** Information follows **

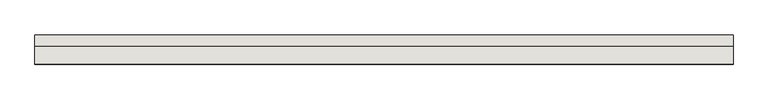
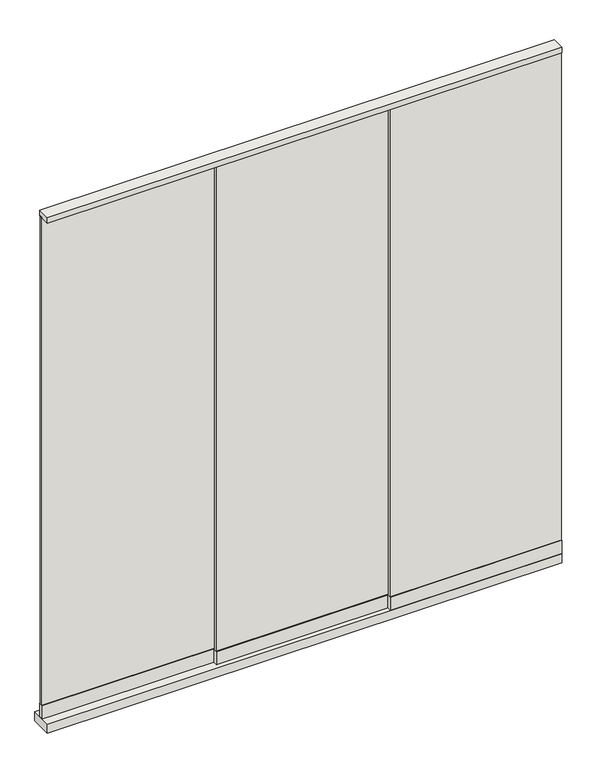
"""IFC4 building model written with IfcOpenShell, lengths in millimetres: wall geometry, Renson_Algarve_Glass_Sliding_Panel : Renson_Algarve_Glass_Sliding_Panel."""

from ifc_helpers import new_model, si_unit, frame, origin, origin_with_axes, place, context, project, spatial, polyline, outline, extrude, source, transform, mapped, element, save


def wall_7f3c542c(model_context):
    return source(origin(), model_context, "Body", "SweptSolid", [
        extrude(outline(polyline([(750.0, 0.0), (-1140.0, 0.0), (-1140.0, 80.0), (750.0, 80.0), (750.0, 0.0)])), origin_with_axes(), (0.0, 0.0, 1.0), 35.0),
        extrude(outline(polyline([(750.0, 3.0), (120.0, 3.0), (120.0, 13.0), (750.0, 13.0), (750.0, 3.0)])), frame((0.0, 0.0, 86.0), z_axis=(0.0, 0.0, 1.0), x_axis=(1.0, 0.0, 0.0)), (0.0, 0.0, 1.0), 1894.0),
        extrude(outline(polyline([(155.0, 19.0), (-510.0, 19.0), (-510.0, 29.0), (155.0, 29.0), (155.0, 19.0)])), frame((0.0, 0.0, 86.0), z_axis=(0.0, 0.0, 1.0), x_axis=(1.0, 0.0, 0.0)), (0.0, 0.0, 1.0), 1894.0),
        extrude(outline(polyline([(-475.0, 35.0), (-1140.0, 35.0), (-1140.0, 45.0), (-475.0, 45.0), (-475.0, 35.0)])), frame((0.0, 0.0, 86.0), z_axis=(0.0, 0.0, 1.0), x_axis=(1.0, 0.0, 0.0)), (0.0, 0.0, 1.0), 1894.0),
        extrude(outline(polyline([(750.0, 0.0), (-1140.0, 0.0), (-1140.0, 48.0), (750.0, 48.0), (750.0, 0.0)])), frame((0.0, 0.0, 1980.0), z_axis=(0.0, 0.0, 1.0), x_axis=(1.0, 0.0, 0.0)), (0.0, 0.0, 1.0), 20.0),
        extrude(outline(polyline([(750.0, 0.0), (120.0, 0.0), (120.0, 16.0), (750.0, 16.0), (750.0, 0.0)])), frame((0.0, 0.0, 35.0), z_axis=(0.0, 0.0, 1.0), x_axis=(1.0, 0.0, 0.0)), (0.0, 0.0, 1.0), 51.0),
        extrude(outline(polyline([(155.0, 16.0), (-510.0, 16.0), (-510.0, 32.0), (155.0, 32.0), (155.0, 16.0)])), frame((0.0, 0.0, 35.0), z_axis=(0.0, 0.0, 1.0), x_axis=(1.0, 0.0, 0.0)), (0.0, 0.0, 1.0), 51.0),
        extrude(outline(polyline([(-475.0, 32.0), (-1140.0, 32.0), (-1140.0, 48.0), (-475.0, 48.0), (-475.0, 32.0)])), frame((0.0, 0.0, 35.0), z_axis=(0.0, 0.0, 1.0), x_axis=(1.0, 0.0, 0.0)), (0.0, 0.0, 1.0), 51.0),
    ])


if __name__ == "__main__":
    model = new_model("IFC4")
    model_context = context("Model", 3, world=origin())
    ifc_project = project(units=[si_unit("LENGTHUNIT", "METRE", prefix="MILLI")], contexts=[model_context])
    site = spatial("IfcSite", under=ifc_project)
    building = spatial("IfcBuilding", under=site)
    placement = place(None, origin())
    wall_shape = wall_7f3c542c(model_context)
    element("IfcWall", 1, ObjectType="Renson_Algarve_Glass_Sliding_Panel : Renson_Algarve_Glass_Sliding_Panel", at=placement, inside=building, context=model_context, shape_type="MappedRepresentation", body=[
        mapped(wall_shape, transform((0.0, 0.0, 0.0), x_axis=(1.0, 0.0, 0.0), y_axis=(0.0, 1.0, 0.0), z_axis=(0.0, 0.0, 1.0))),
    ])
    save(model, "model.ifc")
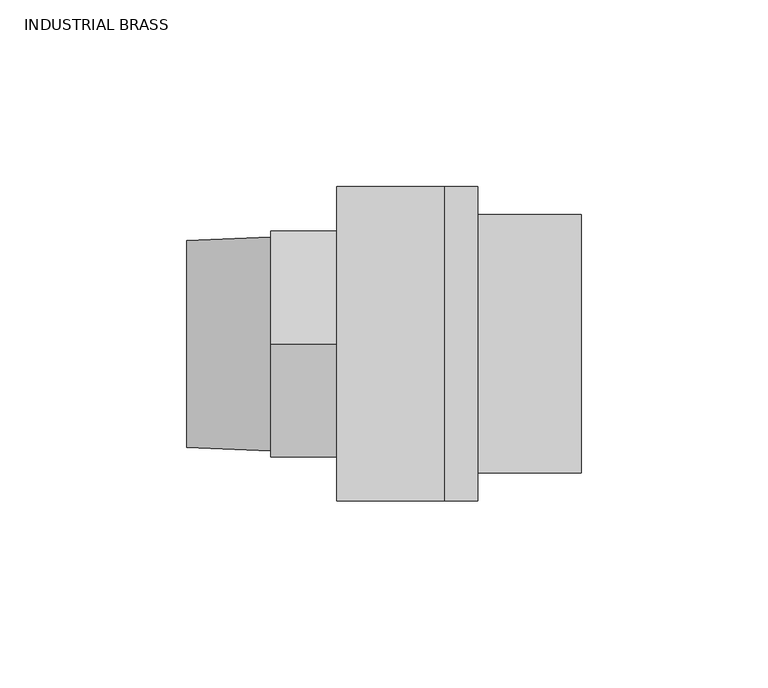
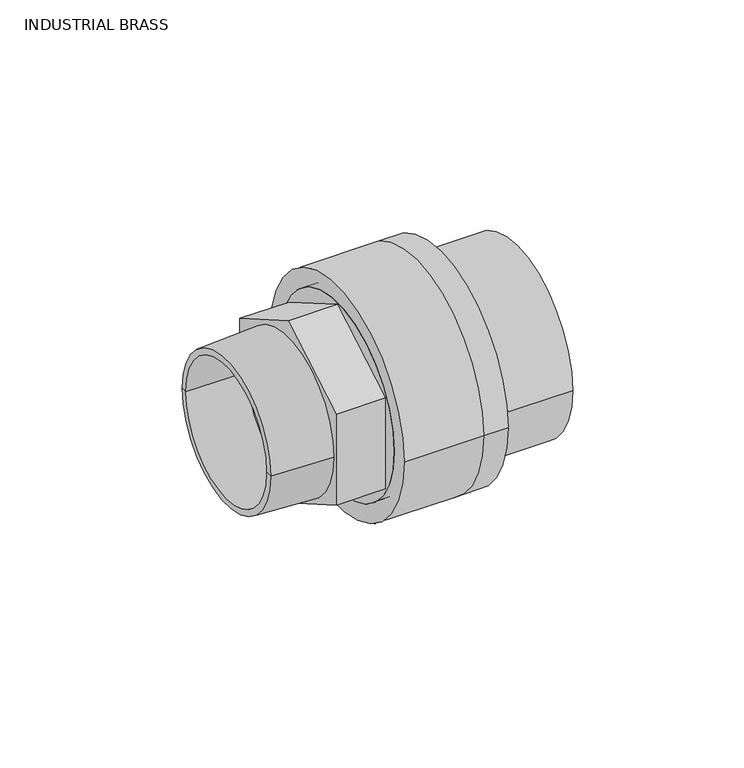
"""IFC4 building model written with IfcOpenShell, lengths in millimetres: valve geometry, Aquatherm - Transition Piece - M HEX : INDUSTRIAL BRASS."""

import ifcopenshell
import ifcopenshell.guid

model = None  # the IFC model being written
_history = None  # IfcOwnerHistory: only IFC2X3 demands one
_inside = {}  # id of a spatial element -> (the spatial element, [elements in it])
_under = {}  # id of a project, library or spatial element -> (it, [spatial elements below it])
_declared = {}  # id of a project -> (the project, [libraries it declares])
_typed = {}  # id of a type object -> (the type object, [elements of that type])
_made_of = {}  # id of a material, layer set ... -> (it, [elements and type objects made of it])


def new_model(schema):
    """Start an empty IFC model of exactly this schema.

    Asked for "IFC4X3", IfcOpenShell would pick the latest addendum, in which some entities
    have other attributes; the version numbers below select the first issue.
    IFC2X3 requires an IfcOwnerHistory on every rooted entity: one is made here for all.
    """
    global model, _history
    if schema == "IFC4X3":
        model = ifcopenshell.file(schema_version=(4, 3, 0, 0))
    else:
        model = ifcopenshell.file(schema=schema)
    _inside.clear()
    _under.clear()
    _declared.clear()
    _typed.clear()
    _made_of.clear()
    _history = None
    if model.schema == "IFC2X3":
        org = make("IfcOrganization", Name="unknown")
        user = make(
            "IfcPersonAndOrganization",
            ThePerson=make("IfcPerson", FamilyName="unknown"),
            TheOrganization=org,
        )
        app = make(
            "IfcApplication",
            ApplicationDeveloper=org,
            Version="unknown",
            ApplicationFullName="unknown",
            ApplicationIdentifier="unknown",
        )
        _history = make(
            "IfcOwnerHistory",
            OwningUser=user,
            OwningApplication=app,
            ChangeAction="ADDED",
            CreationDate=0,
        )
    return model


def make(cls, **values):
    """One entity of the class cls with the attributes given. An attribute that is None is left unset."""
    return model.create_entity(
        cls, **{name: value for name, value in values.items() if value is not None}
    )


def rooted(cls, **values):
    """An entity with a GlobalId (a new one), such as an element, a storey or a relation."""
    return make(cls, GlobalId=ifcopenshell.guid.new(), OwnerHistory=_history, **values)


def si_unit(unit_type, name, prefix=None):
    """IfcSIUnit, for example si_unit("LENGTHUNIT", "METRE", prefix="MILLI")."""
    return make("IfcSIUnit", UnitType=unit_type, Prefix=prefix, Name=name)


def assignment(units):
    """IfcUnitAssignment: the units of a project."""
    return None if units is None else make("IfcUnitAssignment", Units=units)


def point(xyz):
    """IfcCartesianPoint."""
    return None if xyz is None else make("IfcCartesianPoint", Coordinates=xyz)


def direction(xyz):
    """IfcDirection."""
    return None if xyz is None else make("IfcDirection", DirectionRatios=xyz)


def frame(location, z_axis=None, x_axis=None):
    """IfcAxis2Placement3D, a coordinate frame: its origin and axes. An axis left out is left unset."""
    return make(
        "IfcAxis2Placement3D",
        Location=point(location),
        Axis=direction(z_axis),
        RefDirection=direction(x_axis),
    )


def origin():
    """The frame at (0, 0, 0) with its axes left unset."""
    return frame((0.0, 0.0, 0.0))


def place(relative_to, where):
    """IfcLocalPlacement: puts the frame where relative to a parent placement (None: the world)."""
    return make(
        "IfcLocalPlacement", PlacementRelTo=relative_to, RelativePlacement=where
    )


def context(
    kind, dimensions, precision=None, world=None, true_north=None, identifier=None
):
    """IfcGeometricRepresentationContext, for example the 3D "Model" context."""
    return make(
        "IfcGeometricRepresentationContext",
        ContextIdentifier=identifier,
        ContextType=kind,
        CoordinateSpaceDimension=dimensions,
        Precision=precision,
        WorldCoordinateSystem=world,
        TrueNorth=true_north,
    )


def project(units=None, contexts=None):
    """IfcProject with its units and contexts."""
    return rooted(
        "IfcProject",
        Name="project",
        RepresentationContexts=contexts,
        UnitsInContext=assignment(units),
    )


def spatial(cls, under=None, at=None, **own):
    """A site, building, storey or space (cls), placed at a placement, below another one or the project."""
    s = rooted(cls, ObjectPlacement=at, **own)
    if under is not None:
        _under.setdefault(under.id(), (under, []))[1].append(s)
    return s


def polyline(points):
    """IfcPolyline through the points."""
    return make("IfcPolyline", Points=[point(p) for p in points])


def circle_curve(where, radius):
    """IfcCircle in the frame where."""
    return make("IfcCircle", Position=where, Radius=radius)


def shape(context_of_items, identifier, shape_type, items):
    """IfcShapeRepresentation: the items that make up one representation, for example the "Body"."""
    return make(
        "IfcShapeRepresentation",
        ContextOfItems=context_of_items,
        RepresentationIdentifier=identifier,
        RepresentationType=shape_type,
        Items=items,
    )


def source(mapping_origin, context_of_items, identifier, shape_type, items):
    """IfcRepresentationMap: a shape defined once, which mapped items show again and again."""
    return make(
        "IfcRepresentationMap",
        MappingOrigin=mapping_origin,
        MappedRepresentation=shape(context_of_items, identifier, shape_type, items),
    )


def transform(
    local_origin,
    x_axis=None,
    y_axis=None,
    z_axis=None,
    scale=None,
    scale2=None,
    scale3=None,
    uniform=True,
):
    """IfcCartesianTransformationOperator3D, or its non-uniform kind. x_axis, y_axis, z_axis: its Axis1, 2, 3."""
    if uniform:
        return make(
            "IfcCartesianTransformationOperator3D",
            Axis1=direction(x_axis),
            Axis2=direction(y_axis),
            LocalOrigin=point(local_origin),
            Scale=scale,
            Axis3=direction(z_axis),
        )
    return make(
        "IfcCartesianTransformationOperator3DnonUniform",
        Axis1=direction(x_axis),
        Axis2=direction(y_axis),
        LocalOrigin=point(local_origin),
        Scale=scale,
        Axis3=direction(z_axis),
        Scale2=scale2,
        Scale3=scale3,
    )


def mapped(mapping_source, mapping_target):
    """IfcMappedItem: shows the shape of a source again, moved by a transform."""
    return make(
        "IfcMappedItem", MappingSource=mapping_source, MappingTarget=mapping_target
    )


def made_of(thing, what):
    """Note that an element or type object is made of a material, layer set ...; save() writes the relation."""
    if what is not None:
        _made_of.setdefault(what.id(), (what, []))[1].append(thing)
    return thing


def element(
    cls,
    number,
    at=None,
    inside=None,
    cuts=None,
    type_object=None,
    material=None,
    context=None,
    identifier="Body",
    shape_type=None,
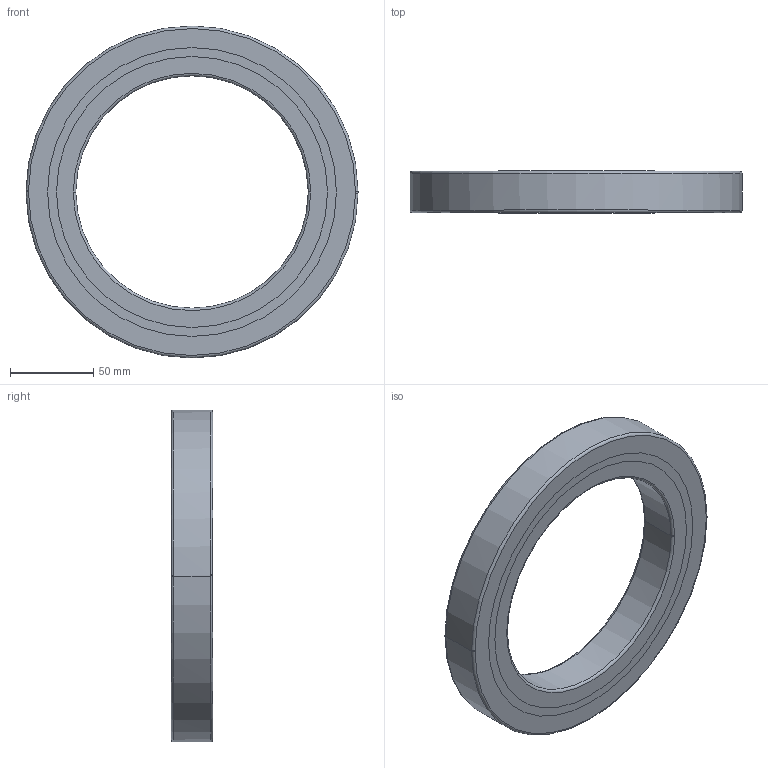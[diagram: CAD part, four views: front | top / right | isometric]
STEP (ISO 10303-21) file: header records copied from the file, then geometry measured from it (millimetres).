
FILE_DESCRIPTION(('no description'),'unknown implementation level');
FILE_NAME('CRBC14025_6.stp',' ',('HIWIN GmbH'),('CADClick - KiM GmbH - www.kimweb.de'),'unknown preprocess','ACIS','unknown authorization');
FILE_SCHEMA(('automotive_design'));
Length unit declared in the file: millimetre
Products named in the file (4): CRBC14025_1; CRBC14025_2; CRBC14025_3; CRBC14025
Bounding box: 200 x 25 x 200 mm (x, y, z)
Volume: 339456.7 mm3; surface area: 93813.9 mm2
Topology: 4 solids, 4 shells, 40 faces, 88 edges, 56 vertices
Faces by surface type: cylinder 16, torus 16, plane 8
Entity records: 2289 total; most frequent: DIRECTION 248, STYLED_ITEM 188, PRESENTATION_STYLE_ASSIGNMENT 188, CARTESIAN_POINT 188, COLOUR_RGB 188, ORIENTED_EDGE 176, AXIS2_PLACEMENT_3D 116, EDGE_CURVE 88

** End of Information **

- _Exercise instructions_
Would you quote everything above from the line containing "global model, _history" down to the line containing "entity of the"? Include both of those lines and nothing else.

- _Your solution_
    global model, _history
    if schema == "IFC4X3":
        model = ifcopenshell.file(schema_version=(4, 3, 0, 0))
    else:
        model = ifcopenshell.file(schema=schema)
    _inside.clear()
    _under.clear()
    _declared.clear()
    _typed.clear()
    _made_of.clear()
    _history = None
    if model.schema == "IFC2X3":
        org = make("IfcOrganization", Name="unknown")
        user = make(
            "IfcPersonAndOrganization",
            ThePerson=make("IfcPerson", FamilyName="unknown"),
            TheOrganization=org,
        )
        app = make(
            "IfcApplication",
            ApplicationDeveloper=org,
            Version="unknown",
            ApplicationFullName="unknown",
            ApplicationIdentifier="unknown",
        )
        _history = make(
            "IfcOwnerHistory",
            OwningUser=user,
            OwningApplication=app,
            ChangeAction="ADDED",
            CreationDate=0,
        )
    return model


def make(cls, **values):
    """One entity of the class cls with the attributes given. An attribute that is None is left unset."""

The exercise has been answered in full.